The popular topic model, Latent Dirichlet Allocation (LDA), which when used to extract topics from a corpus, returns different topics with different probability distributions over the dictionary words.
Whereas Latent Semantic Indexing (LSI) gives the same topics and same distributions after every iteration.
In reality LDA is widely used to extract topics. How does LDA maintain consistency if it returns different topic distribution every time a classification is made?
Consider this simple example. A sample of documents are taken where D represents a document:
D1: Linear Algebra techniques for dimensionality reduction
D2: dimensionality reduction of a sample database
D3: An introduction to linear algebra
D4: Measure of similarity and dissimilarity of different web documents
D5: Classification of data using database sample
D6: overfitting due lack of representative samples
D7: handling overfitting in descision tree
D8: proximity measure for web documents
D9: introduction to web query classification
D10: classification using LSI
Each line represents a document. On the above corpus the LDA model is used to generate the topics from the document. Gensim is used for LDA, batch LDA is performed where number of topics chosen are 4 and number of passes are 20.

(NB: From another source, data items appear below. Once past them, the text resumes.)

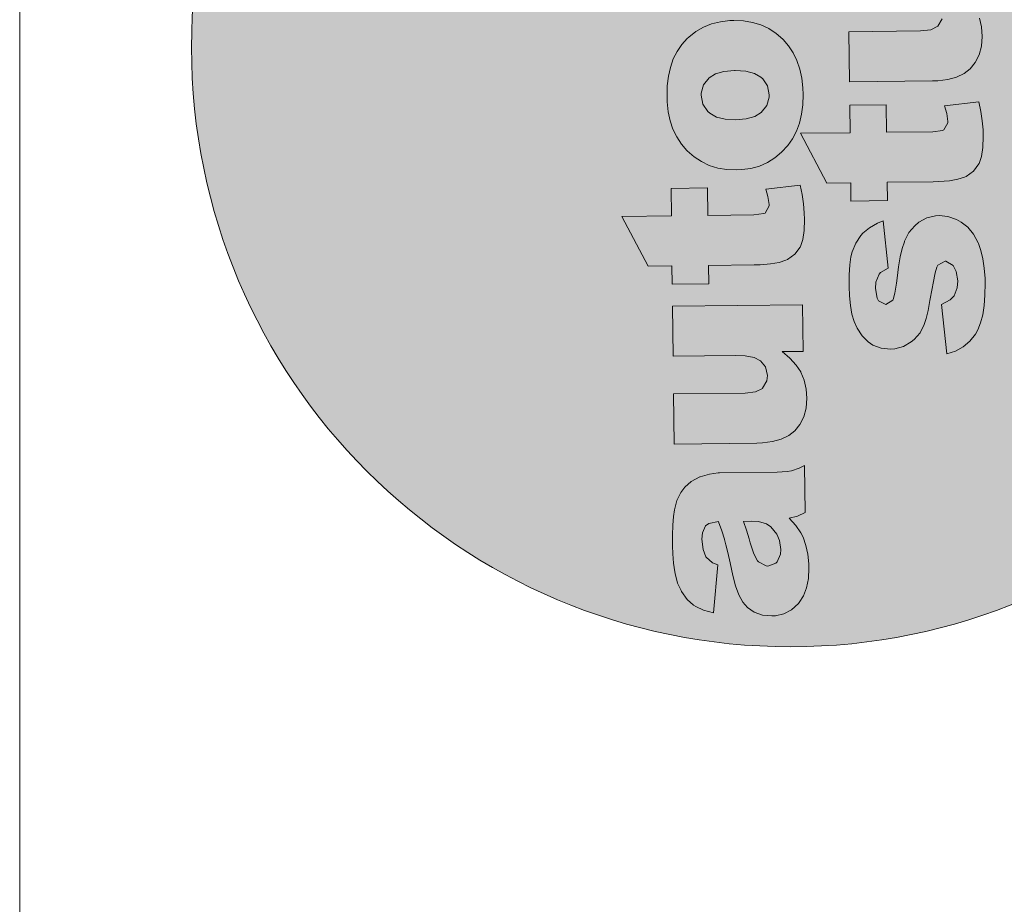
# Model space of a CAD drawing. Header units: millimetres. Extents: x -115268 to 140687, y -37779 to 24471.
# Tile 240 of 256: x 55299 to 55585, y 13256 to 13513. Entities that reach past the tile are written whole.
import ezdxf

# ---------------------------------------------------------------- set-up
doc = ezdxf.new("R2010")
doc.units = ezdxf.units.MM
doc.layers.get('0').update_dxf_attribs({"lineweight": 9})
doc.layers.add('A_CIENKA', color=7, linetype='Continuous', lineweight=9)

# ---------------------------------------------------------------- blocks, each defined once
blk = doc.blocks.new('METRYKA11')
at = {"true_color": 0x000000}
h = blk.add_hatch(color=18, dxfattribs=at)
h.dxf.hatch_style = 1
h.paths.add_polyline_path([(7511428.56, 5508702.86, 1), (7511776.45, 5508702.86, 1)])
at = {"true_color": 0xffffff}
h = blk.add_hatch(color=7, dxfattribs=at)
h.dxf.hatch_style = 1
h.paths.add_polyline_path([(7511581.88, 5508579.4), (7511581.49, 5508579.4), (7511578.94, 5508579.05), (7511576.25, 5508578.25), (7511576.14, 5508578.21), (7511573.63, 5508576.92), (7511571.76, 5508575.28), (7511570.62, 5508573.72), (7511569.49, 5508571.36), (7511568.79, 5508568.65), (7511568.5, 5508566.69), (7511568.32, 5508564.19), (7511568.21, 5508561.35), (7511568.22, 5508558.2), (7511568.28, 5508555.88), (7511568.52, 5508553.19), (7511568.9, 5508550.67), (7511568.98, 5508550.18), (7511569.72, 5508547.38), (7511570.69, 5508545.22), (7511570.83, 5508544.94), (7511572.47, 5508542.68), (7511574.32, 5508541.02), (7511574.95, 5508540.61), (7511577.24, 5508539.58), (7511580.09, 5508538.81), (7511581.36, 5508552.68), (7511579.81, 5508553.32), (7511577.92, 5508554.95), (7511577.1, 5508557.18), (7511576.78, 5508560.19), (7511576.9, 5508561.98), (7511577.82, 5508564.06), (7511578.73, 5508564.71), (7511581.55, 5508565.23), (7511582.54, 5508562.58), (7511583.31, 5508560.13), (7511583.31, 5508560.1), (7511583.75, 5508558.53), (7511584.27, 5508556.25), (7511584.97, 5508553.28), (7511585.75, 5508549.57), (7511586.49, 5508546.64), (7511587.5, 5508543.98), (7511588.65, 5508541.86), (7511590, 5508540.3), (7511591.94, 5508538.99), (7511594.34, 5508538.14), (7511597.11, 5508537.86), (7511598.09, 5508537.94), (7511600.58, 5508538.5), (7511602.81, 5508539.68), (7511604.78, 5508541.5), (7511605.02, 5508541.78), (7511606.26, 5508543.72), (7511607.15, 5508546.05), (7511607.67, 5508548.72), (7511607.81, 5508551.77), (7511607.76, 5508553), (7511607.48, 5508555.76), (7511606.93, 5508558.35), (7511606.13, 5508560.69), (7511605.48, 5508561.95), (7511604.05, 5508564.14), (7511602.13, 5508566.29), (7511604.51, 5508566.81), (7511606.74, 5508567.92), (7511606.57, 5508581.49), (7511605.04, 5508580.77), (7511602.74, 5508580.01), (7511601.51, 5508579.78), (7511598.57, 5508579.6)])
h.paths.add_polyline_path([(7511593.2, 5508565.23), (7511595.52, 5508564.56), (7511596.73, 5508563.73), (7511598.47, 5508561.62), (7511599.3, 5508559.73), (7511599.68, 5508557.11), (7511599.59, 5508555.84), (7511598.64, 5508553.62), (7511598.26, 5508553.23), (7511595.88, 5508552.36), (7511595.46, 5508552.39), (7511593.17, 5508553.56), (7511592.88, 5508553.9), (7511591.84, 5508555.89), (7511590.79, 5508559.1), (7511590.49, 5508560.22), (7511589.69, 5508562.81), (7511588.85, 5508565.32), (7511591.17, 5508565.35)], flags=16)
h.paths.add_polyline_path([(7511594.33, 5508603.93), (7511592.32, 5508602.95), (7511589.31, 5508602.56), (7511568.52, 5508602.31), (7511568.7, 5508587.76), (7511592.75, 5508588.05), (7511594.36, 5508588.11), (7511597.27, 5508588.49), (7511599.82, 5508589.19), (7511601.98, 5508590.24), (7511603.72, 5508591.62), (7511605.24, 5508593.4), (7511606.33, 5508595.62), (7511607, 5508598.15), (7511607.21, 5508601.03), (7511607, 5508603.73), (7511606.45, 5508606.31), (7511605.51, 5508608.57), (7511604.11, 5508610.67), (7511602.3, 5508612.65), (7511600.07, 5508614.58), (7511606.17, 5508614.66), (7511606.01, 5508628.19), (7511568.21, 5508627.73), (7511568.39, 5508613.25), (7511586.58, 5508613.47), (7511589.32, 5508613.36), (7511591.92, 5508612.83), (7511593.76, 5508611.91), (7511595.21, 5508610.17), (7511595.81, 5508607.66), (7511595.62, 5508606.08)])
h.paths.add_polyline_path([(7511567.8, 5508661.95), (7511567.89, 5508653.99), (7511553.52, 5508653.81), (7511561.13, 5508639.39), (7511568.07, 5508639.47), (7511568.13, 5508634.14), (7511578.76, 5508634.27), (7511578.69, 5508639.6), (7511591.98, 5508639.76), (7511593.66, 5508639.79), (7511596.71, 5508640.03), (7511599.19, 5508640.48), (7511601.11, 5508641.1), (7511601.57, 5508641.32), (7511603.72, 5508642.85), (7511605.28, 5508644.94), (7511605.34, 5508645.05), (7511606.06, 5508647.09), (7511606.48, 5508649.69), (7511606.58, 5508652.92), (7511606.49, 5508654.84), (7511606.24, 5508657.47), (7511605.86, 5508660.17), (7511605.27, 5508662.93), (7511595.29, 5508661.76), (7511595.91, 5508659.59), (7511596.3, 5508656.97), (7511595.09, 5508654.77), (7511594.74, 5508654.63), (7511591.87, 5508654.28), (7511578.51, 5508654.12), (7511578.42, 5508662.08)])
h.paths.add_polyline_path([(7511572.98, 5508705.87), (7511572.52, 5508705.45), (7511570.93, 5508703.68), (7511569.56, 5508701.7), (7511568.46, 5508699.51), (7511567.65, 5508697.08), (7511567.05, 5508694.48), (7511566.7, 5508691.67), (7511566.63, 5508688.65), (7511566.68, 5508687.04), (7511566.96, 5508684.2), (7511567.56, 5508681.58), (7511568.36, 5508679.13), (7511569.44, 5508676.87), (7511570.79, 5508674.82), (7511572.56, 5508672.79), (7511574.49, 5508671.11), (7511576.61, 5508669.73), (7511578.9, 5508668.64), (7511581.36, 5508667.86), (7511583.96, 5508667.44), (7511586.73, 5508667.3), (7511588.35, 5508667.39), (7511590.97, 5508667.77), (7511593.45, 5508668.43), (7511595.76, 5508669.44), (7511597.91, 5508670.8), (7511599.89, 5508672.44), (7511601.69, 5508674.39), (7511603.03, 5508676.33), (7511604.2, 5508678.52), (7511605.05, 5508680.91), (7511605.68, 5508683.48), (7511606.04, 5508686.22), (7511606.14, 5508689.17), (7511606.05, 5508691.09), (7511605.73, 5508693.93), (7511605.17, 5508696.59), (7511604.34, 5508699.03), (7511603.26, 5508701.26), (7511601.94, 5508703.28), (7511600.33, 5508705.12), (7511600.23, 5508705.22), (7511598.28, 5508706.92), (7511596.16, 5508708.33), (7511593.87, 5508709.39), (7511591.44, 5508710.13), (7511588.8, 5508710.59), (7511586, 5508710.7), (7511584.87, 5508710.68), (7511582.14, 5508710.33), (7511579.59, 5508709.71), (7511577.22, 5508708.77), (7511575.02, 5508707.48)])
h.paths.add_polyline_path([(7511577.07, 5508686.43), (7511576.58, 5508688.98), (7511576.58, 5508689.54), (7511577.25, 5508691.97), (7511578.91, 5508694.03), (7511580.71, 5508695.17), (7511583.16, 5508695.9), (7511586.32, 5508696.16), (7511589.51, 5508695.94), (7511592, 5508695.31), (7511593.88, 5508694.24), (7511594.41, 5508693.79), (7511595.84, 5508691.67), (7511596.32, 5508689.12), (7511596.33, 5508688.45), (7511595.62, 5508685.99), (7511593.97, 5508683.97), (7511592.09, 5508682.79), (7511589.61, 5508682.09), (7511586.52, 5508681.81), (7511583.5, 5508682.02), (7511581.01, 5508682.65), (7511579.07, 5508683.79), (7511578.5, 5508684.31)], flags=16)
h.paths.add_polyline_path([(7511566.63, 5508757.31), (7511566.8, 5508743.74), (7511572.37, 5508743.81), (7511570.67, 5508742.38), (7511568.84, 5508740.43), (7511567.49, 5508738.42), (7511566.78, 5508736.59), (7511566.25, 5508734.05), (7511566.11, 5508731.11), (7511566.24, 5508728.94), (7511566.8, 5508726.35), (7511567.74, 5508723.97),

Now on the original corpus the batch LDA is performed and the topics generated after 20 passes are:
topic #0: 0.045*query + 0.043*introduction + 0.042*similarity + 0.042*different + 0.041*reduction + 0.040*handling + 0.039*techniques + 0.039*dimensionality + 0.039*web + 0.039*using
topic #1: 0.043*tree + 0.042*lack + 0.041*reduction + 0.040*measure + 0.040*descision + 0.039*documents + 0.039*overfitting + 0.038*algebra + 0.038*proximity + 0.038*query
topic #2: 0.043*reduction + 0.043*data + 0.042*proximity + 0.041*linear + 0.040*database + 0.040*samples + 0.040*overfitting + 0.039*lsi + 0.039*introduction + 0.039*using
topic #3: 0.046*lsi + 0.045*query + 0.043*samples + 0.040*linear + 0.040*similarity + 0.039*classification + 0.039*algebra + 0.039*documents + 0.038*handling + 0.037*sample
Now batch LDA is performed on the same original corpus again and the topics generated in that case are:
topic #0: 0.041*data + 0.041*descision + 0.041*linear + 0.041*techniques + 0.040*dimensionality + 0.040*dissimilarity + 0.040*database + 0.040*reduction + 0.039*documents + 0.038*proximity
topic #1: 0.042*dissimilarity + 0.041*documents + 0.041*dimensionality + 0.040*tree + 0.040*proximity + 0.040*different + 0.038*descision + 0.038*algebra + 0.038*similarity + 0.038*techniques
topic #2: 0.043*proximity + 0.042*data + 0.041*database + 0.041*different + 0.041*tree + 0.040*techniques + 0.040*linear + 0.039*classification + 0.038*measure + 0.038*representative
topic #3: 0.043*similarity + 0.042*documents + 0.041*algebra + 0.041*web + 0.040*proximity + 0.040*handling + 0.039*dissimilarity + 0.038*representative + 0.038*tree + 0.038*measure
The word distribution in each topic is not same in both the cases. In fact, the word distribution is never the same.
So how does LDA work effectively if it doesn't have the same word distribution in its topics like LSI?